Automatic Analysis, Theme Generation, and Summarization of Machine
Readable Texts. Gerard Salton, James Allan, Chris Buckley, and Amit
Singhal, Science 264 (3 June, 1994), 1421-1426.

Best Wishes,
- Amit
·······@CS.Cornell.EDU

-----------------------
See http://www.vyp.com/miti for a text extraction system that can
function as a summarization system.

Ken Ewell
·······@imsworld.com (Ken Ewell)

-----------------------
See,
   http://www.labs.bt.com/netsumm/index.htm

for an example of a summarizer.  There's an article in there, too.

There has been some work out of Cornell, too, from Salton's lab (from
when I was there).  Salton died this past summer, so not a lot of new
work is coming out of there, but you can get a flavor of the
approaches that were being taken from these.

    G. Salton and J. Allan.  ``Automatic Text Decomposition and
    Structuring''.  RIAO '94.

    G. Salton and J. Allan.  ``Selective Text Utilization and Text
    Traversal''.  Proceedings of the {\em Fifth Annual ACM Conference on
    Hypertext}, November 1993, pp 131-144.  Also Cornell Computer Science
    Technical Report 93--1366.

    G. Salton and J. Allan.  ``Selective Text Utilization and Text
    Traversal''.  International Journal of Human-Computer
    Studies, v.{\bf 43}, pp.~483-497, 1995.

    G. Salton, C. Buckley, and J. Allan.  ``Automatic Structuring and
    Retrieval of Large Text Files''.  {\em Communications of
    the ACM\/}, February, 1994.  Also Cornell Computer Science Technical
    Report 92--1286.

Good luck.
James Allan <·····@cs.umass.edu>

-----------------------
Here are some references to get you going, in pseudo-BiBTeX
format.

A good survey paper is:

  author="C. D. Paice",
  title="Constructing Literature Abstracts by Computer:
         Techniques and Prospects",
  journal="Information Processing and Management",
  year="1990",
  volume="26",
  number="1",
  pages="171--186"

This will suggest many other references.
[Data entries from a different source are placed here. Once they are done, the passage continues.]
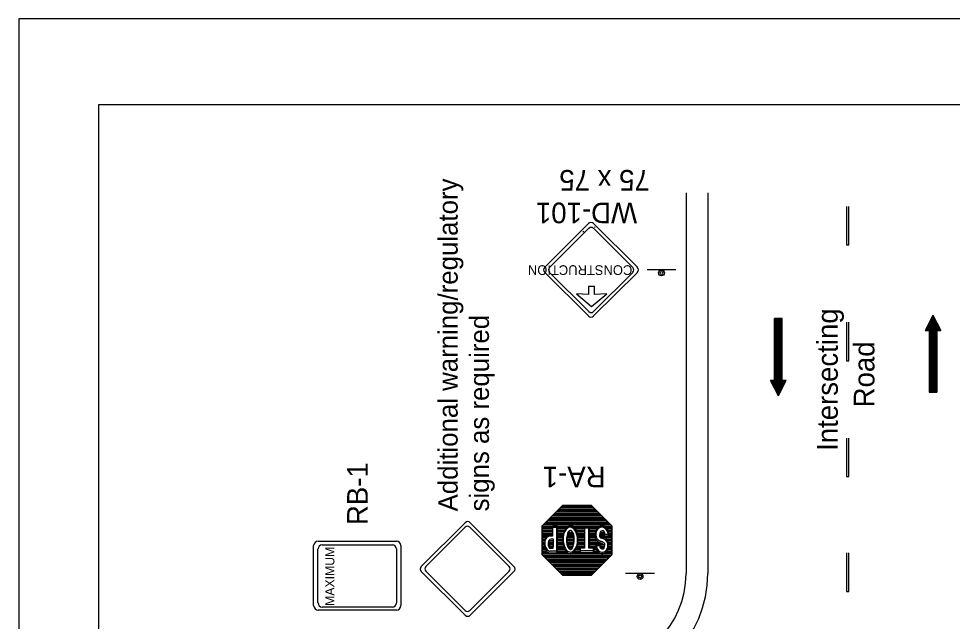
# Model space of a CAD drawing. Extents: x 1833 to 2049, y 205 to 484.
# Drawn here: x 1833.5 to 1950.4, y 408.9 to 484.4 of the extents above; entities that cross this region are included whole.
import ezdxf

# ---------------------------------------------------------------- set-up
doc = ezdxf.new("R2010")
doc.units = 0
for name, color, linetype in [('Level 10', 7, 'Continuous'), ('Level 2', 7, 'Continuous'), ('Level 44', 7, 'Continuous'), ('Level 60', 7, 'Continuous')]:
    doc.layers.add(name, color=color, linetype=linetype)

msp = doc.modelspace()

# ---------------------------------------------------------------- linework, layer by layer
at = {"layer": 'Level 10'}
for p, q in [((1917.06, 462.56), (1917.06, 414.87)), ((1919.79, 462.56), (1919.79, 414.87)), ((1928.14, 439.06), (1928.14, 446.8)), ((1929.11, 446.8), (1928.14, 446.8)), ((1928.14, 438.09), (1928.14, 446.8)), ((1928.27, 437.85), (1928.27, 446.8)), ((1928.39, 437.61), (1928.39, 446.8)), ((1928.51, 437.36), (1928.51, 446.8)), ((1928.63, 437.12), (1928.63, 446.8)), ((1928.75, 437.36), (1928.75, 446.8)), ((1928.87, 437.61), (1928.87, 446.8)), ((1928.99, 437.85), (1928.99, 446.8)), ((1929.11, 439.06), (1929.11, 446.8)), ((1929.11, 438.09), (1929.11, 446.8)), ((1947.99, 447.25), (1947.03, 445.31)), ((1947.87, 447), (1947.87, 437.57)), ((1947.99, 447.25), (1947.99, 437.57)), ((1947.99, 447.25), (1948.96, 445.31)), ((1948.11, 447), (1948.11, 437.57)), ((1947.27, 445.79), (1947.27, 445.31)), ((1947.39, 446.04), (1947.39, 445.31)), ((1947.51, 446.28), (1947.51, 437.57)), ((1947.63, 446.52), (1947.63, 437.57)), ((1947.75, 446.76), (1947.75, 437.57)), ((1948.23, 446.76), (1948.23, 437.57)), ((1948.36, 446.52), (1948.36, 437.57)), ((1948.48, 446.28), (1948.48, 437.57)), ((1948.6, 446.04), (1948.6, 445.31)), ((1948.72, 445.79), (1948.72, 445.31)), ((1947.03, 445.31), (1947.51, 445.31)), ((1947.14, 445.55), (1947.14, 445.31)), ((1947.51, 445.31), (1947.51, 437.57)), ((1948.48, 445.31), (1948.48, 437.57)), ((1948.48, 445.31), (1948.96, 445.31)), ((1948.84, 445.55), (1948.84, 445.31)), ((1928.63, 437.12), (1927.66, 439.06)), ((1928.14, 439.06), (1927.66, 439.06)), ((1927.78, 438.81), (1927.78, 439.06)), ((1927.9, 438.57), (1927.9, 439.06)), ((1928.02, 438.33), (1928.02, 439.06)), ((1928.63, 437.12), (1929.6, 439.06)), ((1929.6, 439.06), (1929.11, 439.06)), ((1929.23, 438.33), (1929.23, 439.06)), ((1929.35, 438.57), (1929.35, 439.06)), ((1929.48, 438.81), (1929.48, 439.06)), ((1947.51, 437.57), (1948.48, 437.57))]:
    msp.add_line(p, q, dxfattribs=at)
for radius in [14.52, 11.79]:
    msp.add_arc((1905.27, 414.87), radius, 270, 0, dxfattribs=at)
at = {"layer": 'Level 2'}
for p, q in [((1937.18, 460.87), (1937.18, 456.03)), ((1937.47, 456.03), (1937.47, 460.87)), ((1904.14, 457.65), (1904.24, 457.76)), ((1905.59, 458.22), (1905.69, 458.32)), ((1937.18, 456.03), (1937.47, 456.03)), ((1937.18, 446.36), (1937.18, 441.52)), ((1937.47, 441.52), (1937.47, 446.36)), ((1937.18, 441.52), (1937.47, 441.52)), ((1937.18, 431.84), (1937.18, 427.01)), ((1937.47, 427.01), (1937.47, 431.84)), ((1937.18, 427.01), (1937.47, 427.01)), ((1937.18, 417.45), (1937.18, 412.61)), ((1937.47, 412.61), (1937.47, 417.45)), ((1937.18, 412.61), (1937.47, 412.61))]:
    msp.add_line(p, q, dxfattribs=at)
at = {"layer": 'Level 44'}
for p, q in [((1904.83, 458.73), (1899.36, 453.25)), ((1910.96, 453.25), (1905.48, 458.73)), ((1899.97, 453.19), (1904.89, 458.12)), ((1905.48, 458.12), (1910.41, 453.19)), ((1910.95, 453.25), (1910.96, 453.25)), ((1915.8, 452.93), (1912.17, 452.93)), ((1899.36, 452.6), (1904.83, 447.13)), ((1904.89, 447.68), (1899.97, 452.6)), ((1905.48, 447.13), (1910.96, 452.6)), ((1910.41, 452.6), (1905.48, 447.68)), ((1905.61, 450.84), (1904.86, 450.84)), ((1904.86, 450.84), (1904.86, 449.83)), ((1905.61, 449.83), (1905.61, 450.84)), ((1904.86, 449.83), (1903.35, 449.91)), ((1903.35, 449.91), (1905.23, 448.32)), ((1905.23, 448.32), (1907.12, 449.91)), ((1907.12, 449.91), (1905.61, 449.83)), ((1901.6, 423.38), (1899.05, 420.83)), ((1905.23, 423.38), (1901.6, 423.38)), ((1907.78, 420.83), (1905.23, 423.38)), ((1889.38, 421.22), (1883.9, 415.75)), ((1895.5, 415.75), (1890.03, 421.22)), ((1884.45, 415.75), (1889.38, 420.67)), ((1889.97, 420.67), (1894.89, 415.75)), ((1899.05, 420.83), (1899.05, 417.2)), ((1900.88, 420.64), (1900.35, 420.64)), ((1900.35, 420.64), (1900.35, 419.55)), ((1900.39, 419.76), (1900.39, 420.85)), ((1900.39, 420.85), (1900.92, 420.85)), ((1900.88, 417.45), (1900.88, 420.64)), ((1900.92, 420.85), (1900.92, 417.66)), ((1904.89, 420.55), (1904.33, 420.55)), ((1904.33, 420.55), (1904.33, 418.05)), ((1904.38, 420.76), (1904.93, 420.76)), ((1904.38, 418.26), (1904.38, 420.76)), ((1904.89, 418.04), (1904.89, 420.55)), ((1904.93, 420.76), (1904.93, 418.25)), ((1907.24, 420.36), (1907.24, 420.36)), ((1907.78, 417.2), (1907.78, 420.83)), ((1870.99, 418.93), (1880.77, 418.93)), ((1900.35, 419.55), (1900.02, 419.55)), ((1900.39, 419.76), (1900.06, 419.76)), ((1900.41, 418.95), (1900.07, 418.95)), ((1900.41, 418.95), (1900.07, 418.95)), ((1900.08, 419.76), (1900.39, 419.76)), ((1900.46, 419.16), (1900.12, 419.16)), ((1900.46, 419.16), (1900.12, 419.16)), ((1900.41, 418.02), (1900.41, 418.95)), ((1900.41, 418.02), (1900.41, 418.95)), ((1900.46, 418.23), (1900.46, 419.16)), ((1900.46, 418.23), (1900.46, 419.16)), ((1907.35, 419.52), (1906.85, 419.52)), ((1907.4, 419.73), (1906.9, 419.73)), ((1870.41, 410.85), (1870.41, 418.35)), ((1870.95, 411.18), (1870.95, 417.93)), ((1871.47, 418.45), (1880.27, 418.45)), ((1880.79, 417.93), (1880.79, 411.18)), ((1881.35, 418.35), (1881.35, 410.85)), ((1900.92, 417.66), (1900.03, 417.66)), ((1900.07, 418.02), (1900.41, 418.02)), ((1900.07, 418.02), (1900.41, 418.02)), ((1900.11, 418.23), (1900.46, 418.23)), ((1900.11, 418.23), (1900.46, 418.23)), ((1902.62, 417.55), (1902.61, 417.55)), ((1902.64, 418.09), (1902.62, 418.09)), ((1904.33, 418.05), (1903.78, 418.05)), ((1903.78, 418.05), (1903.78, 417.48)), ((1903.82, 417.69), (1903.82, 418.26)), ((1903.82, 418.26), (1904.38, 418.26)), ((1905.52, 417.69), (1903.82, 417.69)), ((1905.47, 418.04), (1904.89, 418.04)), ((1904.93, 418.25), (1905.52, 418.25)), ((1905.47, 417.48), (1905.47, 418.04)), ((1905.52, 418.25), (1905.52, 417.69)), ((1905.74, 418.37), (1906.28, 418.37)), ((1905.78, 418.58), (1906.33, 418.58)), ((1899.05, 417.2), (1901.6, 414.65)), ((1899.99, 417.45), (1900.88, 417.45)), ((1903.78, 417.48), (1905.47, 417.48)), ((1905.23, 414.65), (1907.78, 417.2)), ((1871.24, 415.43), (1871.24, 415.43)), ((1883.9, 415.1), (1889.38, 409.62)), ((1883.91, 415.1), (1883.9, 415.1)), ((1889.38, 410.23), (1884.45, 415.16)), ((1894.89, 415.16), (1889.97, 410.23)), ((1890.03, 409.62), (1895.5, 415.1)), ((1901.6, 414.65), (1905.23, 414.65)), ((1913.12, 414.88), (1909.49, 414.88)), ((1880.27, 410.66), (1871.47, 410.66)), ((1880.27, 410.66), (1880.27, 410.66)), ((1881.11, 410.99), (1881.11, 410.99)), ((1880.77, 410.28), (1870.99, 410.28)), ((1880.77, 410.28), (1880.77, 410.28))]:
    msp.add_line(p, q, dxfattribs=at)
msp.add_lwpolyline([(1899.05, 420.83), (1901.6, 423.38), (1905.23, 423.38), (1907.78, 420.83), (1907.78, 417.2), (1905.23, 414.65), (1901.6, 414.65), (1899.05, 417.2)], close=True, dxfattribs=at)
for points in [[(1906.21, 422.39), (1900.61, 422.39)], [(1906.03, 422.57), (1900.79, 422.57)], [(1905.85, 422.75), (1900.97, 422.75)], [(1905.67, 422.94), (1901.15, 422.94)], [(1905.48, 423.12), (1901.34, 423.12)], [(1905.31, 423.3), (1901.52, 423.3)], [(1907.48, 421.12), (1899.34, 421.12)], [(1907.3, 421.3), (1899.52, 421.3)], [(1907.12, 421.49), (1899.7, 421.49)], [(1906.94, 421.67), (1899.88, 421.67)], [(1906.76, 421.85), (1900.07, 421.85)], [(1906.58, 422.03), (1900.25, 422.03)], [(1906.39, 422.21), (1900.43, 422.21)], [(1907.78, 420.76), (1899.05, 420.76)], [(1900.35, 420.58), (1899.05, 420.58)], [(1900.35, 420.4), (1899.05, 420.4)], [(1900.35, 420.21), (1899.05, 420.21)], [(1900.35, 420.03), (1899.05, 420.03)], [(1907.67, 420.94), (1899.16, 420.94)], [(1902.27, 420.58), (1900.88, 420.58)], [(1902.06, 420.4), (1900.88, 420.4)], [(1901.92, 420.21), (1900.88, 420.21)], [(1901.83, 420.03), (1900.88, 420.03)], [(1906.24, 420.58), (1902.85, 420.58)], [(1904.33, 420.4), (1903.06, 420.4)], [(1904.33, 420.21), (1903.19, 420.21)], [(1904.33, 420.03), (1903.29, 420.03)], [(1906, 420.4), (1904.89, 420.4)], [(1905.87, 420.21), (1904.89, 420.21)], [(1905.78, 420.03), (1904.89, 420.03)], [(1907.78, 420.58), (1906.8, 420.58)], [(1907.78, 420.4), (1907.01, 420.4)], [(1907.78, 420.21), (1907.15, 420.21)], [(1907.78, 420.03), (1907.24, 420.03)], [(1900.35, 419.85), (1899.05, 419.85)], [(1900.35, 419.67), (1899.05, 419.67)], [(1899.82, 419.49), (1899.05, 419.49)], [(1899.57, 419.31), (1899.05, 419.31)], [(1899.45, 419.13), (1899.05, 419.13)], [(1899.38, 418.94), (1899.05, 418.94)], [(1899.33, 418.76), (1899.05, 418.76)], [(1900.41, 418.76), (1899.83, 418.76)], [(1901.76, 419.85), (1900.88, 419.85)], [(1901.71, 419.67), (1900.88, 419.67)], [(1901.67, 419.49), (1900.88, 419.49)], [(1901.64, 419.31), (1900.88, 419.31)], [(1901.63, 419.13), (1900.88, 419.13)], [(1901.62, 418.94), (1900.88, 418.94)], [(1901.63, 418.76), (1900.88, 418.76)], [(1903.02, 419.13), (1902.08, 419.13)], [(1903.02, 418.94), (1902.08, 418.94)], [(1903.01, 418.76), (1902.08, 418.76)], [(1903, 419.31), (1902.1, 419.31)], [(1902.96, 419.49), (1902.13, 419.49)], [(1902.9, 419.67), (1902.19, 419.67)], [(1902.82, 419.85), (1902.28, 419.85)], [(1904.33, 419.85), (1903.35, 419.85)], [(1904.33, 419.67), (1903.4, 419.67)], [(1904.33, 419.49), (1903.43, 419.49)], [(1904.33, 419.31), (1903.45, 419.31)], [(1904.33, 418.76), (1903.46, 418.76)], [(1904.33, 419.13), (1903.47, 419.13)], [(1904.33, 418.94), (1903.47, 418.94)], [(1905.72, 419.85), (1904.89, 419.85)], [(1905.71, 419.67), (1904.89, 419.67)], [(1905.71, 419.49), (1904.89, 419.49)], [(1905.74, 419.31), (1904.89, 419.31)], [(1905.79, 419.13), (1904.89, 419.13)], [(1905.92, 418.94), (1904.89, 418.94)], [(1906.17, 418.76), (1904.89, 418.76)], [(1906.84, 419.67), (1906.22, 419.67)], [(1907.78, 419.49), (1906.24, 419.49)], [(1906.78, 419.85), (1906.27, 419.85)], [(1907.78, 419.31), (1906.43, 419.31)], [(1907.78, 419.13), (1906.86, 419.13)], [(1907.78, 418.94), (1907.09, 418.94)], [(1907.78, 418.76), (1907.21, 418.76)], [(1907.78, 419.85), (1907.3, 419.85)], [(1907.78, 419.67), (1907.33, 419.67)], [(1899.31, 418.58), (1899.05, 418.58)], [(1899.32, 418.4), (1899.05, 418.4)], [(1899.34, 418.22), (1899.05, 418.22)], [(1899.38, 418.04), (1899.05, 418.04)], [(1899.47, 417.86), (1899.05, 417.86)], [(1899.59, 417.67), (1899.05, 417.67)], [(1900.42, 418.58), (1899.77, 418.58)], [(1900.41, 418.4), (1899.78, 418.4)], [(1900.41, 418.22), (1899.82, 418.22)], [(1900.41, 418.04), (1899.99, 418.04)], [(1901.65, 418.58), (1900.88, 418.58)], [(1901.68, 418.4), (1900.88, 418.4)], [(1901.73, 418.22), (1900.88, 418.22)], [(1901.79, 418.04), (1900.88, 418.04)], [(1901.87, 417.86), (1900.88, 417.86)], [(1901.99, 417.67), (1900.88, 417.67)], [(1903, 418.58), (1902.11, 418.58)], [(1902.95, 418.4), (1902.16, 418.4)], [(1902.9, 418.22), (1902.22, 418.22)], [(1902.81, 418.04), (1902.3, 418.04)], [(1903.78, 417.67), (1903.1, 417.67)], [(1903.78, 417.86), (1903.22, 417.86)], [(1903.78, 418.04), (1903.3, 418.04)], [(1904.33, 418.22), (1903.37, 418.22)], [(1904.33, 418.4), (1903.41, 418.4)], [(1904.33, 418.58), (1903.44, 418.58)], [(1906.58, 418.58), (1904.89, 418.58)], [(1906.81, 418.4), (1904.89, 418.4)], [(1905.74, 418.22), (1904.89, 418.22)], [(1905.79, 418.04), (1905.47, 418.04)], [(1905.84, 417.86), (1905.47, 417.86)], [(1905.94, 417.67), (1905.47, 417.67)], [(1906.84, 418.22), (1906.27, 418.22)], [(1906.76, 418.04), (1906.35, 418.04)], [(1907.78, 417.67), (1907.08, 417.67)], [(1907.78, 417.86), (1907.19, 417.86)], [(1907.78, 418.04), (1907.24, 418.04)], [(1907.78, 418.58), (1907.26, 418.58)], [(1907.78, 418.22), (1907.27, 418.22)], [(1907.78, 418.4), (1907.28, 418.4)], [(1899.82, 417.49), (1899.05, 417.49)], [(1907.78, 417.31), (1899.05, 417.31)], [(1907.7, 417.13), (1899.12, 417.13)], [(1907.52, 416.95), (1899.3, 416.95)], [(1907.34, 416.77), (1899.49, 416.77)], [(1907.16, 416.59), (1899.67, 416.59)], [(1906.98, 416.4), (1899.85, 416.4)], [(1902.16, 417.49), (1900.88, 417.49)], [(1903.78, 417.49), (1902.93, 417.49)], [(1906.1, 417.49), (1905.47, 417.49)], [(1907.78, 417.49), (1906.93, 417.49)], [(1906.8, 416.22), (1900.03, 416.22)], [(1906.61, 416.04), (1900.21, 416.04)], [(1906.43, 415.86), (1900.39, 415.86)], [(1906.25, 415.68), (1900.57, 415.68)], [(1906.07, 415.5), (1900.76, 415.5)], [(1905.89, 415.31), (1900.94, 415.31)], [(1905.71, 415.13), (1901.12, 415.13)], [(1905.53, 414.95), (1901.31, 414.95)], [(1905.34, 414.77), (1901.48, 414.77)]]:
    msp.add_lwpolyline(points, dxfattribs=at)
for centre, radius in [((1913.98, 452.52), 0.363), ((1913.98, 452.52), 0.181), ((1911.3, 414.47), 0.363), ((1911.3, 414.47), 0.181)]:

For a more theoretical
discussion, see:

  author="Sparck Jones, K.",
  title="What might be in a Summary?",
  booktitle="Proceedings of the German Information Retrieval
             Conference",
  year="1993"

Particular summarising methods:

word-frequency methods:

  author="H. P. Luhn",
  title="The Automatic Creation of Literature Abstracts",
  editor="Schultz",
  booktitle="H. P. Luhn: Pioneer of Information Science",
  publisher="Spartan",
  year="1968"

  author="S. Williams and K. Preston",
  title="Managing the Information Overload",
  journal="Physics in Business",
  publisher="Institute of Physics",
  year="1994"

  (this system -- BT's NetSumm -- can be tried at
     http://www.labs.bt.com/innovate/informat/netsumm/index.htm)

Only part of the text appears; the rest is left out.